Jakarta (ANTARA) - Presiden Prabowo Subianto menggunakan analogi jet pribadi untuk menggambarkan barang mewah. Ia juga menyebut kapal pesiar, yacht, motor yacht, dan rumah yang sangat mewah dalam daftar berikutnya.
Alih-alih menyebutkan benda-benda yang selama ini menyangkut hajat hidup orang banyak atau barang/jasa yang banyak dikonsumsi kaum menengah, Presiden memberikan contoh yang sangat kontras.
Pernyataan yang disampaikan di Kantor Kementerian Keuangan Jakarta, pada Selasa, 31 Desember 2024, itu memberikan kesan bahwa ia ingin menghentikan polemik kebijakan Pajak Pertambahan Nilai (PPN) yang sempat memanas dan mewarnai halaman media, juga lini masa dalam beberapa waktu terakhir.
Ia menegaskan tentang kenaikan tarif 1 persen PPN dar 11 persen menjadi 12 persen hanya dikenakan khusus terhadap barang dan jasa mewah.
Selain barang tersebut, besaran tarif PPN untuk barang dan jasa lainnya masih sesuai dengan tarif yang berlaku sejak tahun 2022, yaitu sebesar 11 persen.

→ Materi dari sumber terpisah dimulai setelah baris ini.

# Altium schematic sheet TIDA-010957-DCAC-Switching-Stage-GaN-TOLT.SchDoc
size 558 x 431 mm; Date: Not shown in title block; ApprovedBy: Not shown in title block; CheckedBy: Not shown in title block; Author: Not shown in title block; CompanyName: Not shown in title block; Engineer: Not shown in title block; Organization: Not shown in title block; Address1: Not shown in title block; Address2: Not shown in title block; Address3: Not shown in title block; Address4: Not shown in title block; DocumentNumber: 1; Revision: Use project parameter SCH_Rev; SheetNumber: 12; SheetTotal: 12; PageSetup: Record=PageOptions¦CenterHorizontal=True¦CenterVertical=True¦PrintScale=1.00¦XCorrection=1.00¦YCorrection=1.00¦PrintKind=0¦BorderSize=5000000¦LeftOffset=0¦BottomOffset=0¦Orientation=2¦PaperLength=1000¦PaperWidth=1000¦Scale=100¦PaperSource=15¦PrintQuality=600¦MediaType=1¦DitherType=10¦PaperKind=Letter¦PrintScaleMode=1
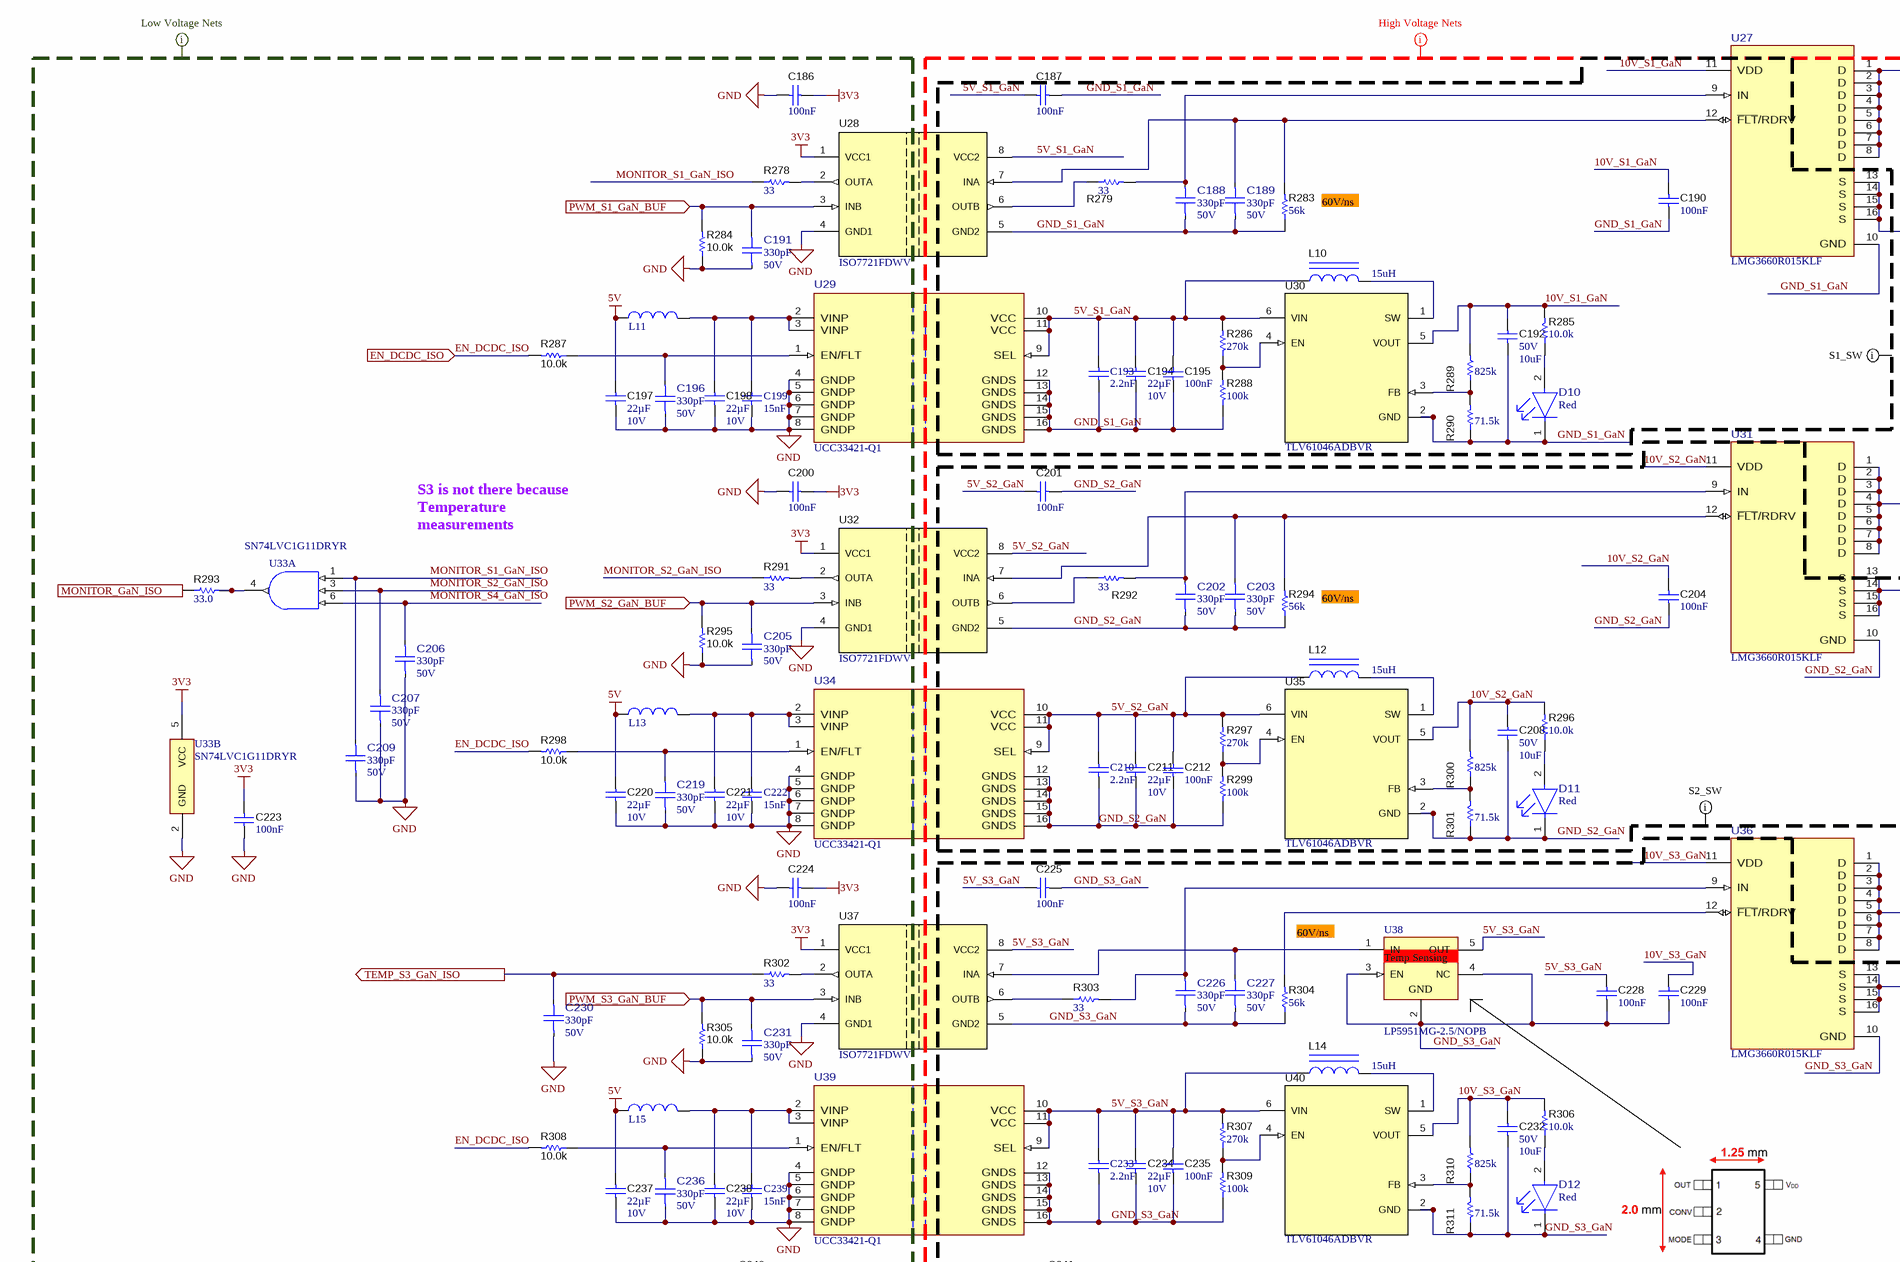
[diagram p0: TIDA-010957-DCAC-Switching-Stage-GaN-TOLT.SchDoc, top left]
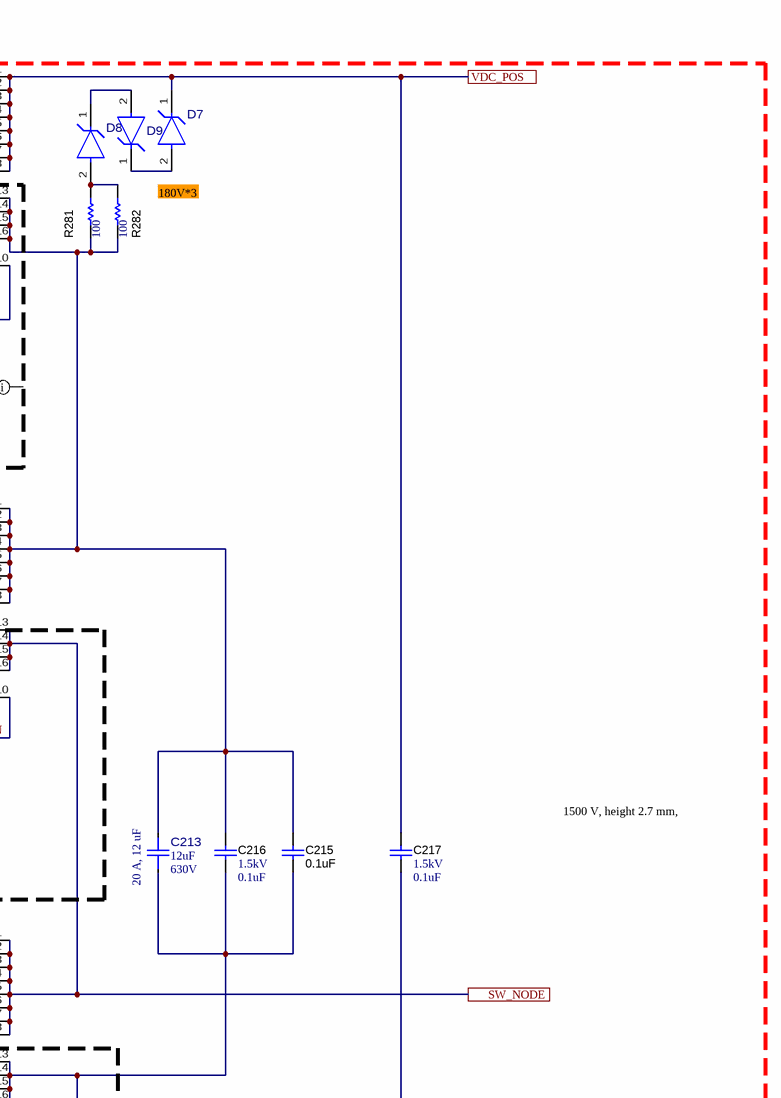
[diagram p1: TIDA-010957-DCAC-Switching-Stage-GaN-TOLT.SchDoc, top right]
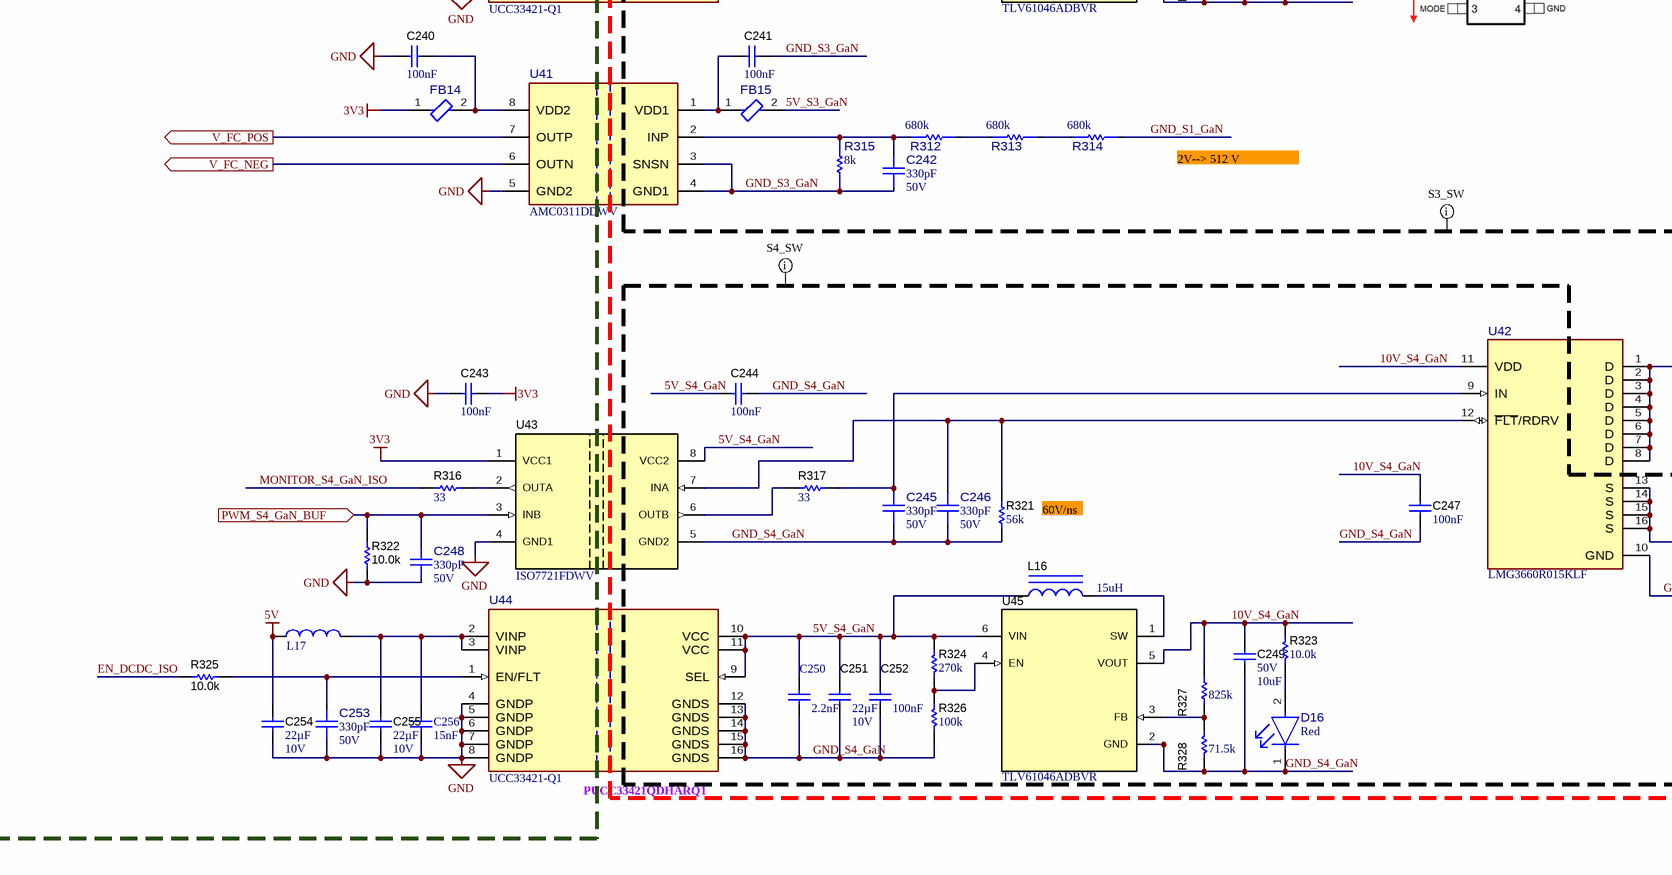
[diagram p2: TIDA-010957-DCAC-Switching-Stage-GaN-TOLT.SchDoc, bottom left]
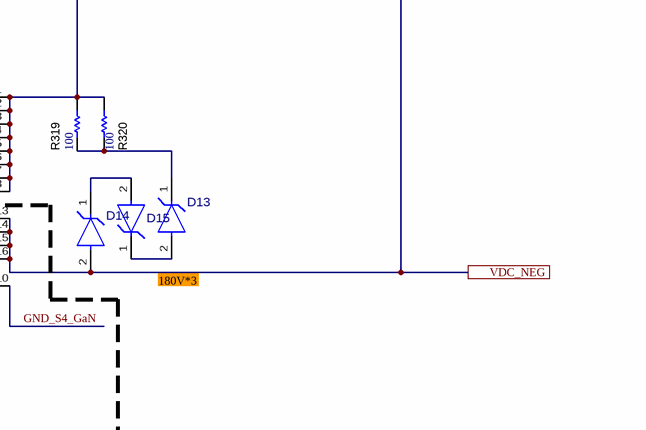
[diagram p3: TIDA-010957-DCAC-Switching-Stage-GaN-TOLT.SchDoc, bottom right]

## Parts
C186  Cap_F: 100nF  [0603]  (hidden comment: 06033C104JAT2A)
C187  Cap_F: 100nF  [0603]  (hidden comment: 06033C104JAT2A)
C188  ValueDisplayed: 330pF  VDC_V: 50V  [FP-CGA3E2C0G1H331J080AA_0603-MFG]  (hidden comment: CGA3E2C0G1H331J080AA)
C189  ValueDisplayed: 330pF  VDC_V: 50V  [FP-CGA3E2C0G1H331J080AA_0603-MFG]  (hidden comment: CGA3E2C0G1H331J080AA)
C190  Cap_F: 100nF  [0603]  (hidden comment: 06033C104JAT2A)
C191  ValueDisplayed: 330pF  VDC_V: 50V  [FP-CGA3E2C0G1H331J080AA_0603-MFG]  (hidden comment: CGA3E2C0G1H331J080AA)
C192  VDC_V: 50V  ValueDisplayed: 10uF  [1206_180]  (hidden comment: GRT31CR61H106KE01L)
C193  Cap_F: 2.2nF  [WCAP-CSGP_0402_L1W0.5H0.5]  (hidden comment: 885012205063)
C194  Cap_F: 22µF  VDC_V: 10V  [0805_HV]  (hidden comment: GRM21BZ71A226ME15L)
C195  Cap_F: 100nF  [0603]  (hidden comment: 06033C104JAT2A)
C196  ValueDisplayed: 330pF  VDC_V: 50V  [FP-CGA3E2C0G1H331J080AA_0603-MFG]  (hidden comment: CGA3E2C0G1H331J080AA)
C197  Cap_F: 22µF  VDC_V: 10V  [0805_HV]  (hidden comment: GRM21BZ71A226ME15L)
C198  Cap_F: 22µF  VDC_V: 10V  [0805_HV]  (hidden comment: GRM21BZ71A226ME15L)
C199  Cap_F: 15nF  [WCAP-CSGP_0402_L1W0.5H0.5]  (hidden comment: 885012205051)
C200  Cap_F: 100nF  [0603]  (hidden comment: 06033C104JAT2A)
C201  Cap_F: 100nF  [0603]  (hidden comment: 06033C104JAT2A)
C202  ValueDisplayed: 330pF  VDC_V: 50V  [FP-CGA3E2C0G1H331J080AA_0603-MFG]  (hidden comment: CGA3E2C0G1H331J080AA)
C203  ValueDisplayed: 330pF  VDC_V: 50V  [FP-CGA3E2C0G1H331J080AA_0603-MFG]  (hidden comment: CGA3E2C0G1H331J080AA)
C204  Cap_F: 100nF  [0603]  (hidden comment: 06033C104JAT2A)
C205  ValueDisplayed: 330pF  VDC_V: 50V  [FP-CGA3E2C0G1H331J080AA_0603-MFG]  (hidden comment: CGA3E2C0G1H331J080AA)
C206  ValueDisplayed: 330pF  VDC_V: 50V  [FP-CGA3E2C0G1H331J080AA_0603-MFG]  (hidden comment: CGA3E2C0G1H331J080AA)
C207  ValueDisplayed: 330pF  VDC_V: 50V  [FP-CGA3E2C0G1H331J080AA_0603-MFG]  (hidden comment: CGA3E2C0G1H331J080AA)
C208  VDC_V: 50V  ValueDisplayed: 10uF  [1206_180]  (hidden comment: GRT31CR61H106KE01L)
C209  ValueDisplayed: 330pF  VDC_V: 50V  [FP-CGA3E2C0G1H331J080AA_0603-MFG]  (hidden comment: CGA3E2C0G1H331J080AA)
C210  Cap_F: 2.2nF  [WCAP-CSGP_0402_L1W0.5H0.5]  (hidden comment: 885012205063)
C211  Cap_F: 22µF  VDC_V: 10V  [0805_HV]  (hidden comment: GRM21BZ71A226ME15L)
C212  Cap_F: 100nF  [0603]  (hidden comment: 06033C104JAT2A)
C213  ValueDisplayed: 12uF  VDC_V: 630V  [FP-B32676G6126K000_RADIAL-MFG]  (hidden comment: B32676G6126K000)
C215  ValueDisplayed: 0.1uF  [1812_254]  (hidden comment: C1812W104KDRACTU)
C216  VDC_V: 1.5kV  ValueDisplayed: 0.1uF  [2225]  (hidden comment: C2225C104KFRACTU)
C217  VDC_V: 1.5kV  ValueDisplayed: 0.1uF  [2225]  (hidden comment: C2225C104KFRACTU)
C219  ValueDisplayed: 330pF  VDC_V: 50V  [FP-CGA3E2C0G1H331J080AA_0603-MFG]  (hidden comment: CGA3E2C0G1H331J080AA)
C220  Cap_F: 22µF  VDC_V: 10V  [0805_HV]  (hidden comment: GRM21BZ71A226ME15L)
C221  Cap_F: 22µF  VDC_V: 10V  [0805_HV]  (hidden comment: GRM21BZ71A226ME15L)
C222  Cap_F: 15nF  [WCAP-CSGP_0402_L1W0.5H0.5]  (hidden comment: 885012205051)
C223  Cap_F: 100nF  [0603]  (hidden comment: 06033C104JAT2A)
C224  Cap_F: 100nF  [0603]  (hidden comment: 06033C104JAT2A)
C225  Cap_F: 100nF  [0603]  (hidden comment: 06033C104JAT2A)
C226  ValueDisplayed: 330pF  VDC_V: 50V  [FP-CGA3E2C0G1H331J080AA_0603-MFG]  (hidden comment: CGA3E2C0G1H331J080AA)
C227  ValueDisplayed: 330pF  VDC_V: 50V  [FP-CGA3E2C0G1H331J080AA_0603-MFG]  (hidden comment: CGA3E2C0G1H331J080AA)
C228  Cap_F: 100nF  [0603]  (hidden comment: 06033C104JAT2A)
C229  Cap_F: 100nF  [0603]  (hidden comment: 06033C104JAT2A)
C230  ValueDisplayed: 330pF  VDC_V: 50V  [FP-CGA3E2C0G1H331J080AA_0603-MFG]  (hidden comment: CGA3E2C0G1H331J080AA)
C231  ValueDisplayed: 330pF  VDC_V: 50V  [FP-CGA3E2C0G1H331J080AA_0603-MFG]  (hidden comment: CGA3E2C0G1H331J080AA)
C232  VDC_V: 50V  ValueDisplayed: 10uF  [1206_180]  (hidden comment: GRT31CR61H106KE01L)
C233  Cap_F: 2.2nF  [WCAP-CSGP_0402_L1W0.5H0.5]  (hidden comment: 885012205063)
C234  Cap_F: 22µF  VDC_V: 10V  [0805_HV]  (hidden comment: GRM21BZ71A226ME15L)
C235  Cap_F: 100nF  [0603]  (hidden comment: 06033C104JAT2A)
C236  ValueDisplayed: 330pF  VDC_V: 50V  [FP-CGA3E2C0G1H331J080AA_0603-MFG]  (hidden comment: CGA3E2C0G1H331J080AA)
C237  Cap_F: 22µF  VDC_V: 10V  [0805_HV]  (hidden comment: GRM21BZ71A226ME15L)
C238  Cap_F: 22µF  VDC_V: 10V  [0805_HV]  (hidden comment: GRM21BZ71A226ME15L)
C239  Cap_F: 15nF  [WCAP-CSGP_0402_L1W0.5H0.5]  (hidden comment: 885012205051)
C240  Cap_F: 100nF  [0603]  (hidden comment: 06033C104JAT2A)
C241  Cap_F: 100nF  [0603]  (hidden comment: 06033C104JAT2A)
C242  ValueDisplayed: 330pF  VDC_V: 50V  [FP-CGA3E2C0G1H331J080AA_0603-MFG]  (hidden comment: CGA3E2C0G1H331J080AA)
C243  Cap_F: 100nF  [0603]  (hidden comment: 06033C104JAT2A)
C244  Cap_F: 100nF  [0603]  (hidden comment: 06033C104JAT2A)
C245  ValueDisplayed: 330pF  VDC_V: 50V  [FP-CGA3E2C0G1H331J080AA_0603-MFG]  (hidden comment: CGA3E2C0G1H331J080AA)
C246  ValueDisplayed: 330pF  VDC_V: 50V  [FP-CGA3E2C0G1H331J080AA_0603-MFG]  (hidden comment: CGA3E2C0G1H331J080AA)
C247  Cap_F: 100nF  [0603]  (hidden comment: 06033C104JAT2A)
C248  ValueDisplayed: 330pF  VDC_V: 50V  [FP-CGA3E2C0G1H331J080AA_0603-MFG]  (hidden comment: CGA3E2C0G1H331J080AA)
C249  VDC_V: 50V  ValueDisplayed: 10uF  [1206_180]  (hidden comment: GRT31CR61H106KE01L)
C250  Cap_F: 2.2nF  [WCAP-CSGP_0402_L1W0.5H0.5]  (hidden comment: 885012205063)
C251  Cap_F: 22µF  VDC_V: 10V  [0805_HV]  (hidden comment: GRM21BZ71A226ME15L)
C252  Cap_F: 100nF  [0603]  (hidden comment: 06033C104JAT2A)
C253  ValueDisplayed: 330pF  VDC_V: 50V  [FP-CGA3E2C0G1H331J080AA_0603-MFG]  (hidden comment: CGA3E2C0G1H331J080AA)
C254  Cap_F: 22µF  VDC_V: 10V  [0805_HV]  (hidden comment: GRM21BZ71A226ME15L)
C255  Cap_F: 22µF  VDC_V: 10V  [0805_HV]  (hidden comment: GRM21BZ71A226ME15L)
C256  Cap_F: 15nF  [WCAP-CSGP_0402_L1W0.5H0.5]  (hidden comment: 885012205051)
D7  ZGL41-180A-E3/96  [FP-ZGL41-180A-E3/96_GL41-MFG]  (value not drawn)
D8  ZGL41-180A-E3/96  [FP-ZGL41-180A-E3/96_GL41-MFG]  (value not drawn)
D9  ZGL41-180A-E3/96  [FP-ZGL41-180A-E3/96_GL41-MFG]  (value not drawn)
D10  Color: Red  [FP-APG1608SURKC_T_0603-MFG]  (hidden comment: APG1608SURKC/T)
D11  Color: Red  [FP-APG1608SURKC_T_0603-MFG]  (hidden comment: APG1608SURKC/T)
D12  Color: Red  [FP-APG1608SURKC_T_0603-MFG]  (hidden comment: APG1608SURKC/T)
D13  ZGL41-180A-E3/96  [FP-ZGL41-180A-E3/96_GL41-MFG]  (value not drawn)
D14  ZGL41-180A-E3/96  [FP-ZGL41-180A-E3/96_GL41-MFG]  (value not drawn)
D15  ZGL41-180A-E3/96  [FP-ZGL41-180A-E3/96_GL41-MFG]  (value not drawn)
D16  Color: Red  [FP-APG1608SURKC_T_0603-MFG]  (hidden comment: APG1608SURKC/T)
FB14  MH1608-601Y  [FP-MH1608-601Y_0603-MFG]  (value not drawn)
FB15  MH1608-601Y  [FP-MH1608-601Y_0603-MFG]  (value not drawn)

Diskursus mengenai kenaikan PPN memang tidak bisa dilepaskan dari dampaknya yang amat luas. Sebagai kebijakan fiskal, koreksi atas PPN, sekecil apapun, akan mengubah kesetimbangan, mencakup sisi daya beli masyarakat, potensi inflasi, dan pertumbuhan ekonomi.
Oleh karena itu, Presiden berkeras bahwa seluruh kebijakannya, termasuk dalam perpajakan, harus dirancang untuk mengutamakan kepentingan rakyat dan menciptakan pemerataan ekonomi secara menyeluruh.
Komitmennya patut dikawal untuk memberikan paket stimulus yang diperuntukkan bagi masyarakat atas kebijakan baru tersebut.
Diskursus baru
Kenaikan PPN, meskipun terbatas pada barang mewah memang tetap membawa diskursus baru dalam kebijakan fiskal Indonesia.
Langkah ini menunjukkan arah kebijakan selektif yang dirancang untuk menjaga daya beli masyarakat umum, sekaligus memperkuat penerimaan negara dari segmen yang relatif lebih mampu secara ekonomi.
Pendekatan ini mencerminkan adanya upaya pemerintah untuk menciptakan keseimbangan antara keadilan sosial dan kebutuhan fiskal.
Barang mewah, secara definisi, merupakan barang yang konsumsinya lebih elastis terhadap pendapatan. Konsumsi barang ini sering kali tidak bersifat esensial, melainkan sekadar menunjukkan status sosial atau gaya hidup.